Typically, the Federal Housing Finance Authority restricts the total amount of a mortgage that Fannie Mae or Freddie Mac can purchase. These conforming mortgages need to be lower than $417,000 in most areas, as of 2016. In places like Washington, DC, where homes cost more, a conforming mortgage needs to be less than $625,000. Any loans above those amounts are considered jumbo loans and have their own set of rules.

What you need to get one

A jumbo loan can be riskier for a mortgage lender since it is putting up a higher amount of money up front. For that reason, there are typically a lot more requirements when applying for a jumbo loan than for a conventional mortgage.
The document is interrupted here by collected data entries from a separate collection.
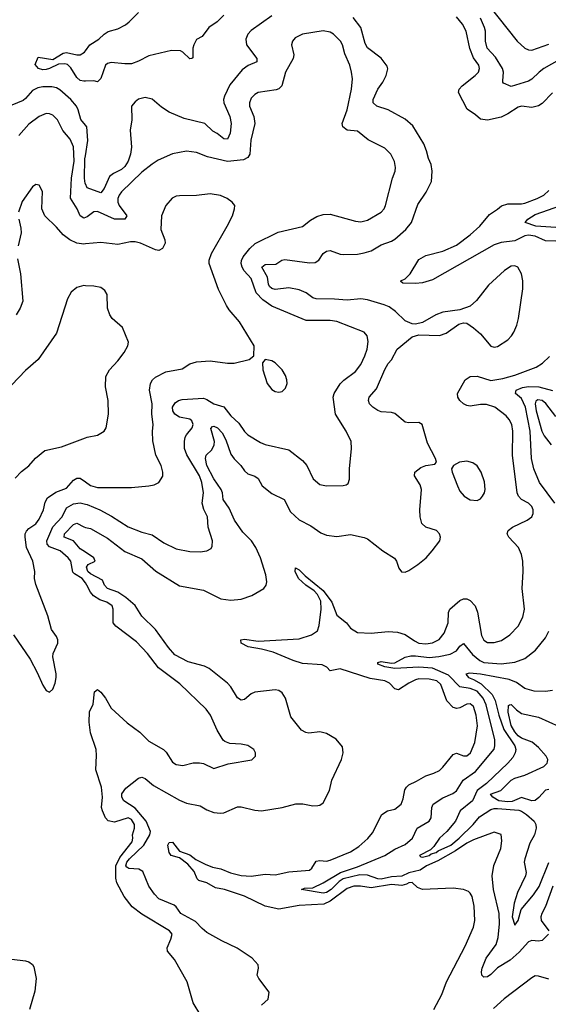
# Model space of a CAD drawing. Header units: inches. Extents: x 1173000 to 1307049, y 522583 to 678455.
# Tile 293 of 617: x 1259616 to 1262706, y 560359 to 566116. Entities that reach past the tile are written whole.
import ezdxf

# ---------------------------------------------------------------- set-up
doc = ezdxf.new("R2010")
doc.units = ezdxf.units.IN
doc.header["$MEASUREMENT"] = 0
doc.layers.add('B2556', color=7, linetype='Continuous')
doc.layers.add('B2566', color=7, linetype='Continuous')

msp = doc.modelspace()

# ---------------------------------------------------------------- linework, layer by layer
at = {"layer": 'B2556', "color": 5}
for points, elevation in [([(1260000, 565757.1), (1259990, 565756.9), (1259970, 565760.9), (1259950, 565777.3), (1259915.2, 565835.2), (1259894.4, 565854.4), (1259879.1, 565859.1), (1259843.3, 565856.7), (1259790.3, 565830), (1259770, 565825.2), (1259750, 565823), (1259725.7, 565830), (1259705.8, 565854.2), (1259723.8, 565896.2), (1259810, 565884.1), (1259870, 565920.5), (1259890, 565923.5), (1259950, 565910.2), (1259970, 565911.6), (1259994.1, 565925.9), (1260000, 565934.1)], 780), ([(1260000, 565498.7), (1259972.2, 565532.2), (1259957.1, 565590), (1259947.1, 565610), (1259913.9, 565650), (1259850, 565707.1), (1259830, 565717.4), (1259802.9, 565722.9), (1259750, 565723.7), (1259721.3, 565718.7), (1259690, 565702.1), (1259650, 565654.6), (1259635.9, 565644.1), (1259570, 565615.6)], 820), ([(1260000, 564959.3), (1259990, 564955.7), (1259970, 564968.6), (1259952.1, 565010), (1259913, 565073), (1259919.1, 565190), (1259934.1, 565290), (1259930, 565372), (1259910, 565417.4), (1259868.2, 565468.2), (1259837.6, 565530), (1259810, 565557.2), (1259790, 565566), (1259770, 565567.2), (1259730, 565551), (1259670, 565505.4), (1259610, 565439.7)], 840), ([(1260000, 565156.1), (1259998.8, 565158.8), (1259995.3, 565190), (1259997, 565303), (1260000, 565321.1)], 820), ([(1260000, 564805.3), (1259990, 564804.4), (1259950, 564809.8), (1259908.5, 564828.5), (1259870, 564857.4), (1259830, 564904), (1259762, 564970), (1259745.4, 565010), (1259749, 565111), (1259730, 565149), (1259710, 565152.7), (1259690, 565139.3), (1259630, 565053.2), (1259608.7, 564990)], 860), ([(1259610.4, 564950), (1259622.8, 564897.2), (1259624, 564870), (1259605.8, 564794.2)], 860), ([(1259602.8, 564717.2), (1259620.3, 564630), (1259633.2, 564470), (1259618.3, 564430), (1259595.7, 564390)], 860), ([(1260000, 564560.8), (1259990, 564561.3), (1259950.3, 564549.7), (1259917.3, 564522.7), (1259895.3, 564484.7), (1259830, 564282.7), (1259724.4, 564130), (1259650, 564065.6), (1259570, 563982)], 880), ([(1259590, 563435.5), (1259626.3, 563473.7), (1259670, 563508.5), (1259707.3, 563552.7), (1259763.4, 563596.6), (1259860.6, 563619.4), (1260000, 563671.6)], 880), ([(1259579.4, 562519.4), (1259676.6, 562376.6), (1259718.5, 562298.5), (1259750, 562224.9), (1259770, 562194.8), (1259790, 562184.7), (1259810, 562202), (1259823.2, 562236.8), (1259829.3, 562270), (1259829.3, 562290.7), (1259809.7, 562390.3), (1259811.1, 562410), (1259839.3, 562470), (1259837.8, 562490), (1259830.5, 562510.5), (1259802, 562550), (1259780.4, 562630), (1259710, 562814), (1259703, 562850), (1259704.2, 562890), (1259692.7, 562950), (1259655.9, 563030), (1259647, 563090), (1259647.7, 563110), (1259654.8, 563125.2), (1259670, 563142), (1259710, 563168.9), (1259730, 563196.5), (1259755.6, 563250), (1259764.5, 563295.5), (1259778.6, 563321.4), (1259827.1, 563352.9), (1259890, 563378), (1259930, 563424.5), (1259950, 563436.6), (1259970, 563435.5), (1260000, 563414.1)], 860), ([(1260000, 562823.2), (1259981.4, 562850), (1259935.8, 562875.8), (1259926.4, 562886.4), (1259913.7, 562950), (1259899.4, 562970), (1259853.1, 563010), (1259790, 563033.6), (1259775.9, 563050), (1259774.9, 563070), (1259808.7, 563151.3), (1259863.6, 563210), (1259890, 563263), (1259930, 563285.4), (1259970, 563291.5), (1260000, 563284.2)], 840), ([(1260000, 563003.1), (1259970, 563023.4), (1259930.2, 563070.2), (1259875.8, 563090), (1259877, 563110), (1259930, 563165.6), (1259950, 563171.9), (1259990, 563150.2), (1260000, 563147.9)], 820), ([(1259570, 560622.6), (1259650, 560614.6), (1259670, 560607.6), (1259690, 560592.4), (1259698.2, 560578.2), (1259712.3, 560510), (1259703.5, 560436.5), (1259673.7, 560330)], 840)]:
    msp.add_lwpolyline(points, dxfattribs=dict(at, elevation=elevation))
at = {"layer": 'B2566', "color": 5}
for points, elevation in [([(1262358.3, 566198.3), (1262524.6, 565990), (1262569, 565949), (1262590, 565939.4), (1262610, 565937.8), (1262710, 565973.2)], 740), ([(1260000, 565934.1), (1260026, 565970), (1260077.9, 566002.1), (1260110, 566032.1), (1260132.8, 566047.2), (1260190, 566063.6), (1260233.8, 566086.2), (1260256.5, 566103.5), (1260310, 566158.6)], 780), ([(1260810, 566141.8), (1260770, 566103.4), (1260722.3, 566070), (1260682.4, 566017.6), (1260650, 566000.7), (1260633.2, 565970), (1260628.7, 565950), (1260627.4, 565892.6), (1260622.8, 565890), (1260610, 565888.1), (1260570, 565926.4), (1260555, 565935), (1260503.7, 565936.3), (1260370, 565904.9), (1260310, 565872.8), (1260270, 565858.3), (1260230, 565857.2), (1260150, 565866.7), (1260130, 565860.7), (1260118.3, 565850), (1260090, 565772), (1260070, 565752.5), (1260050, 565758.4), (1260000, 565757.1)], 780), ([(1261090, 566138.7), (1260970, 566052.3), (1260950, 566032), (1260937.6, 566002.4), (1260942.5, 565970), (1261002.9, 565890), (1261002.6, 565870), (1260951.4, 565848.6), (1260916.7, 565823.3), (1260844.5, 565735.5), (1260812.3, 565670), (1260807, 565650), (1260808.4, 565630), (1260844.6, 565550), (1260852.7, 565510), (1260846.3, 565453.7), (1260830, 565418.3), (1260810, 565419.2), (1260770, 565451.6), (1260745, 565465), (1260698.5, 565510), (1260578, 565538), (1260490, 565575.5), (1260445.6, 565605.6), (1260390, 565651.6), (1260350, 565661.4), (1260310, 565650.9), (1260290, 565635.8), (1260270.3, 565609.7), (1260271.7, 565530), (1260260.8, 565470), (1260269, 565370), (1260263.4, 565330), (1260250.6, 565290), (1260230, 565258.5), (1260210, 565239.5), (1260163.3, 565216.7), (1260140.5, 565199.5), (1260110, 565128.3), (1260090, 565104.2), (1260010, 565132.4), (1260000, 565156.1)], 820), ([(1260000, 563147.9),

One of the first things you need to get a jumbo mortgage is a sufficient level of income. You’ll need to show that you have the money coming in to comfortably pay back the loan. Typically, you’ll need to show pay stubs and bank statements for the past 30 days and two years’ worth of tax returns. Most jumbo mortgage lenders also want you to have at least six months’ worth of housing payments tucked away in the bank or in the form of some other liquid asset.

Your credit score is also very important when applying for a jumbo loan. Usually, the minimum score you can have is 680, though some lenders have higher score requirements. Jumbo loans are typically qualified mortgages, meaning that you need to have a debt to income ratio that is lower than 43%.

Down payment details

Surprisingly, given all the other requirements, jumbo loans don’t always require a hefty down payment. Although your lender would probably love it if you put down at least 20%, the Washington Post noted that there have been recent cases of people putting down just 10 or 15%. There is a trade-off when it comes to making a lower down payment, though. To qualify for less money down, you typically need to have a substantial amount of money in cash reserves. Depending on the requirements of your lender, that amount can range from 6 months’ worth of housing payments to up to 24 months’ worth.

Jumbo loans aren’t the right choice for every borrower. But, if you live in a high-cost area, have excellent credit, and enough cash in the bank, a jumbo mortgage can make sense for you. To learn more about jumbo loans, contact a mortgage specialist today.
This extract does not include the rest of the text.